Work instruction
Each line from the one containing "Manufacturer's drawing of" through the last line of the records below is to be set down exactly; the rest stays out.

Dataset excerpts
=-=-=

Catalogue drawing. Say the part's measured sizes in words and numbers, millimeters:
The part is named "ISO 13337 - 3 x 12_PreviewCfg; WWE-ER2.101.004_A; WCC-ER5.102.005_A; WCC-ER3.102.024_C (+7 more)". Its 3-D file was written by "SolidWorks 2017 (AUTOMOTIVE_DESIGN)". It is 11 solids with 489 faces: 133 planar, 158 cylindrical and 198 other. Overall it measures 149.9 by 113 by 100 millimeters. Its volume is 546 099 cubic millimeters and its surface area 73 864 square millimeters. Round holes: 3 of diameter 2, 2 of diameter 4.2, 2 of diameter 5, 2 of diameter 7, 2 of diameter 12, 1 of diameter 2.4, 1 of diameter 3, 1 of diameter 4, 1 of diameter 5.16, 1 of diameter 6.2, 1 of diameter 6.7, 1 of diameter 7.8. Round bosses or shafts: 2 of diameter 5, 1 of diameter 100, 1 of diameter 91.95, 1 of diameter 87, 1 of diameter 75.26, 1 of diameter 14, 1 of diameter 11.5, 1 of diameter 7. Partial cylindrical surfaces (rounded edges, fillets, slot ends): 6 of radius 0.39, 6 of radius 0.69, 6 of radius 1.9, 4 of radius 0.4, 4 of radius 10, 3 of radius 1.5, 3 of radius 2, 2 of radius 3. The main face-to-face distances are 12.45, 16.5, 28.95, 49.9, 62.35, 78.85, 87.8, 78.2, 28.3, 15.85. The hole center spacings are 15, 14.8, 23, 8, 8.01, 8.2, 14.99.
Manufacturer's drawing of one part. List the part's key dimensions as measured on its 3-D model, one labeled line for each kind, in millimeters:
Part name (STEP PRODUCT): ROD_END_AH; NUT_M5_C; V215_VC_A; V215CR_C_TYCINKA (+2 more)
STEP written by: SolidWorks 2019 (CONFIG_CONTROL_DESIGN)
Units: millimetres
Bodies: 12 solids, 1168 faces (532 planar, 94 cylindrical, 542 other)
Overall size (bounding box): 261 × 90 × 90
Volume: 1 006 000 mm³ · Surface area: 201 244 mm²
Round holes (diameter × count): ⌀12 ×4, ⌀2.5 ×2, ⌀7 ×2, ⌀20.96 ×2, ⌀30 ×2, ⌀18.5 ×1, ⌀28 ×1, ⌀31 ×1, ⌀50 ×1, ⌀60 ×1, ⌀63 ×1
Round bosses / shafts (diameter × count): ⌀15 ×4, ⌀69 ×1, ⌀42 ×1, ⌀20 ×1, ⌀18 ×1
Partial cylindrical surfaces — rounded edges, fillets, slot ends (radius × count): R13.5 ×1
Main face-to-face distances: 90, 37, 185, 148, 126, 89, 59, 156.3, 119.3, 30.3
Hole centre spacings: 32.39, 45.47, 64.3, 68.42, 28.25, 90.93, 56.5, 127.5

=-=-=

Result of this exercise
Manufacturer's drawing of one part. List the part's key dimensions as measured on its 3-D model, one labeled line for each kind, in millimeters:
Part name (STEP PRODUCT): ROD_END_AH; NUT_M5_C; V215_VC_A; V215CR_C_TYCINKA (+2 more)
STEP written by: SolidWorks 2019 (CONFIG_CONTROL_DESIGN)
Units: millimetres
Bodies: 12 solids, 1168 faces (532 planar, 94 cylindrical, 542 other)
Overall size (bounding box): 261 × 90 × 90
Volume: 1 006 000 mm³ · Surface area: 201 244 mm²
Round holes (diameter × count): ⌀12 ×4, ⌀2.5 ×2, ⌀7 ×2, ⌀20.96 ×2, ⌀30 ×2, ⌀18.5 ×1, ⌀28 ×1, ⌀31 ×1, ⌀50 ×1, ⌀60 ×1, ⌀63 ×1
Round bosses / shafts (diameter × count): ⌀15 ×4, ⌀69 ×1, ⌀42 ×1, ⌀20 ×1, ⌀18 ×1
Partial cylindrical surfaces — rounded edges, fillets, slot ends (radius × count): R13.5 ×1
Main face-to-face distances: 90, 37, 185, 148, 126, 89, 59, 156.3, 119.3, 30.3
Hole centre spacings: 32.39, 45.47, 64.3, 68.42, 28.25, 90.93, 56.5, 127.5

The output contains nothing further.